Marijuana: Large quantities of Mexican marijuana are transported from Texas through Mississippi on Interstates 10, 12, and 55 destined for larger cities in the Northeastern and Southeastern United States. Couriers in pick-up trucks, vans, tractor-trailers and buses transport the marijuana in 50, 100 and 200 pound quantities in concealed compartments. Proceeds from the drug sales are returned in the same manner. Domestically cultivated marijuana is available throughout Northern Mississippi in patches of four to five plants in and around dense vegetation on United States forestry land and around area lakes. Marijuana is trafficked and used by all ethnic and socioeconomic groups in Mississippi, often along with or after the use of cocaine and methamphetamine.

DEA Mobile Enforcement Teams: This cooperative program with state and local law enforcement counterparts was conceived in 1995 in response to the overwhelming problem of drug-related violent crime in towns and cities across the nation. There have been 409 deployments completed resulting in 16,763 arrests of violent drug criminals as of February 2004. There have been seven MET deployments in the State of Mississippi since the inception of the program: Jackson (2), Gulfport, Hancock County, Greenville, Hattiesburg, and Grenada.

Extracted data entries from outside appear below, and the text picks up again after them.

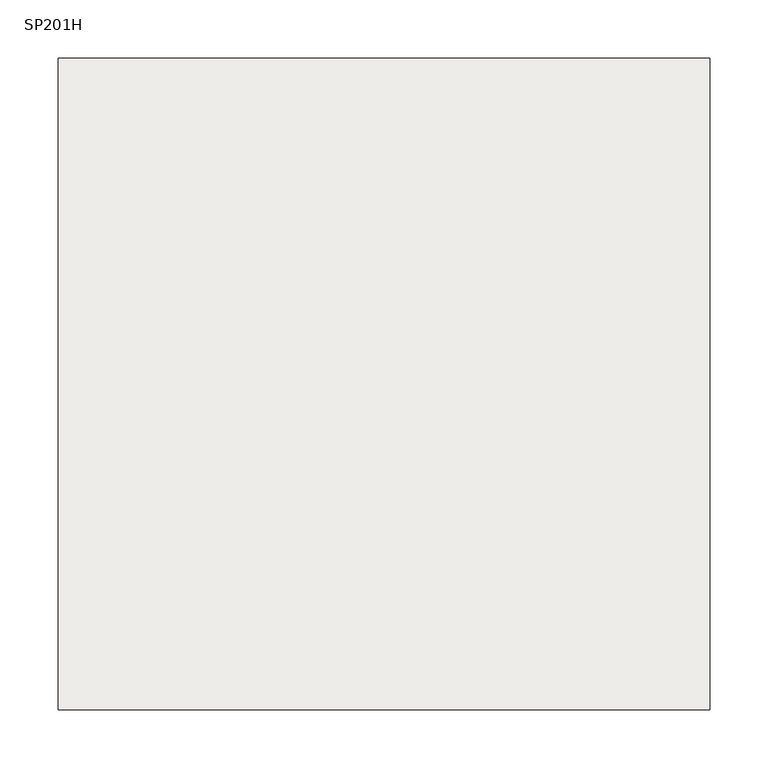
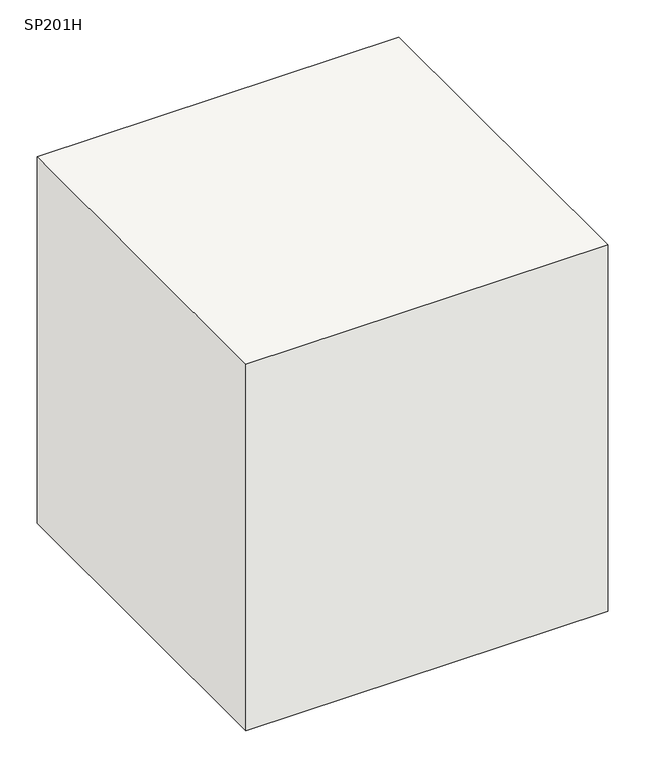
"""IFC4 building model written with IfcOpenShell, lengths in millimetres: slab geometry, 柱形_SP : SP201H."""

from ifc_helpers import new_model, si_unit, frame, origin, place, context, project, spatial, polyline, outline, extrude, source, transform, mapped, element, save


def sp201h_40aa0069(model_context):
    return source(origin(), model_context, "Body", "SweptSolid", [
        extrude(outline(polyline([(280.0, 280.0), (280.0, -280.0), (-280.0, -280.0), (-280.0, 280.0), (280.0, 280.0)])), frame((0.0, 0.0, -600.0), z_axis=(0.0, 0.0, 1.0), x_axis=(1.0, 0.0, 0.0)), (0.0, 0.0, 1.0), 600.0),
    ])


if __name__ == "__main__":
    model = new_model("IFC4")
    model_context = context("Model", 3, world=origin())
    ifc_project = project(units=[si_unit("LENGTHUNIT", "METRE", prefix="MILLI")], contexts=[model_context])
    site = spatial("IfcSite", under=ifc_project)
    building = spatial("IfcBuilding", under=site)
    placement = place(None, origin())
    sp201h_shape = sp201h_40aa0069(model_context)
    element("IfcSlab", 1, ObjectType="柱形_SP : SP201H", at=placement, inside=building, context=model_context, shape_type="MappedRepresentation", body=[
        mapped(sp201h_shape, transform((0.0, 0.0, 0.0), x_axis=(1.0, 0.0, 0.0), y_axis=(0.0, 1.0, 0.0), z_axis=(0.0, 0.0, 1.0))),
    ])
    save(model, "model.ifc")
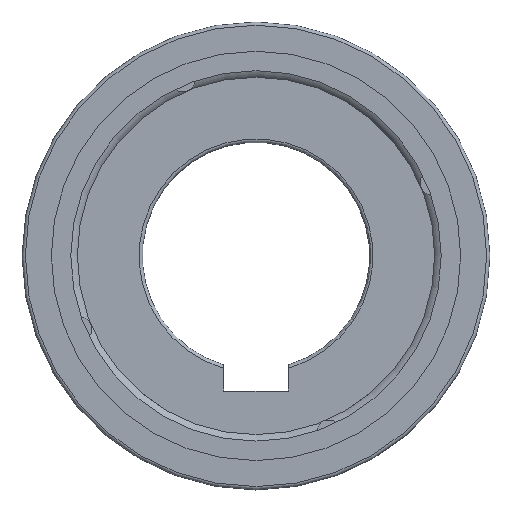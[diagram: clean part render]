
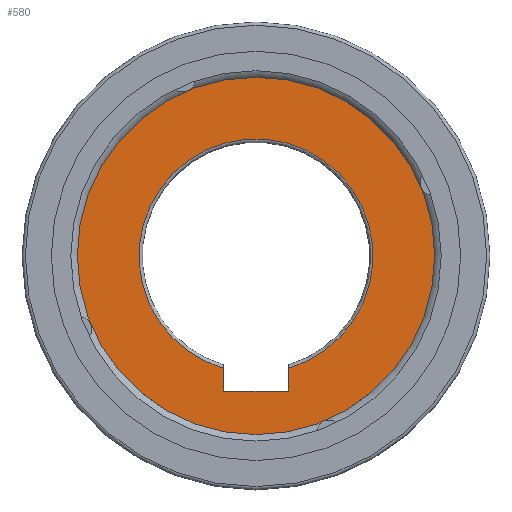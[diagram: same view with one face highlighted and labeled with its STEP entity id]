
A CAD part, top view. The second image highlights one B-rep face of the part: STEP entity #580.
In plain terms, the highlighted planar face has unit normal (0, 0, 1).
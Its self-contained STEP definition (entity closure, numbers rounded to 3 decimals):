
#367=LINE('',#2003,#441);
#368=LINE('',#2005,#442);
#369=LINE('',#2007,#443);
#441=VECTOR('',#1601,1.);
#442=VECTOR('',#1602,1.);
#443=VECTOR('',#1603,1.);
#523=PLANE('',#1428);
#580=ADVANCED_FACE('',(#681,#682),#523,.T.);
#681=FACE_BOUND('',#742,.T.);
#682=FACE_BOUND('',#743,.T.);
#742=EDGE_LOOP('',(#855,#856,#857,#858));
#743=EDGE_LOOP('',(#859));
#855=ORIENTED_EDGE('',*,*,#1219,.F.);
#856=ORIENTED_EDGE('',*,*,#1201,.T.);
#857=ORIENTED_EDGE('',*,*,#1220,.F.);
#858=ORIENTED_EDGE('',*,*,#1221,.F.);
#859=ORIENTED_EDGE('',*,*,#1218,.F.);
#1101=VERTEX_POINT('',#1890);
#1102=VERTEX_POINT('',#1891);
#1116=VERTEX_POINT('',#2001);
#1117=VERTEX_POINT('',#2004);
#1118=VERTEX_POINT('',#2006);
#1201=EDGE_CURVE('',#1101,#1102,#1337,.T.);
#1218=EDGE_CURVE('',#1116,#1116,#1350,.T.);
#1219=EDGE_CURVE('',#1101,#1117,#367,.T.);
#1220=EDGE_CURVE('',#1118,#1102,#368,.T.);
#1221=EDGE_CURVE('',#1117,#1118,#369,.T.);
#1337=CIRCLE('',#1403,18.);
#1350=CIRCLE('',#1426,27.5);
#1403=AXIS2_PLACEMENT_3D('',#1889,#1551,#1552);
#1426=AXIS2_PLACEMENT_3D('',#2000,#1597,#1598);
#1428=AXIS2_PLACEMENT_3D('',#2008,#1604,#1605);
#1551=DIRECTION('',(0.,0.,-1.));
#1552=DIRECTION('',(1.,0.,0.));
#1597=DIRECTION('',(0.,0.,-1.));
#1598=DIRECTION('',(1.,0.,0.));
#1601=DIRECTION('',(0.,-1.,0.));
#1602=DIRECTION('',(0.,1.,0.));
#1603=DIRECTION('',(1.,0.,0.));
#1604=DIRECTION('',(0.,0.,1.));
#1605=DIRECTION('',(1.,0.,0.));
#1889=CARTESIAN_POINT('',(0.,0.,17.));
#1890=CARTESIAN_POINT('',(-5.,-17.292,17.));
#1891=CARTESIAN_POINT('',(5.,-17.292,17.));
#2000=CARTESIAN_POINT('',(0.,0.,17.));
#2001=CARTESIAN_POINT('',(27.5,0.,17.));
#2003=CARTESIAN_POINT('',(-5.,-14.2,17.));
#2004=CARTESIAN_POINT('',(-5.,-20.8,17.));
#2005=CARTESIAN_POINT('',(5.,-20.8,17.));
#2006=CARTESIAN_POINT('',(5.,-20.8,17.));
#2007=CARTESIAN_POINT('',(-5.,-20.8,17.));
#2008=CARTESIAN_POINT('',(0.,0.,17.));

DEA Regional Enforcement Teams: This program was designed to augment existing DEA division resources by targeting drug organizations operating in the United States where there is a lack of sufficient local drug law enforcement. This Program was conceived in 1999 in response to the threat posed by drug trafficking organizations that have established networks of cells to conduct drug trafficking operations in smaller, non-traditional trafficking locations in the United States. Nationwide, there have been 22 deployments completed resulting in 608 arrests of drug trafficking criminals as of February 2004. There have been no RET deployments in the State of Mississippi.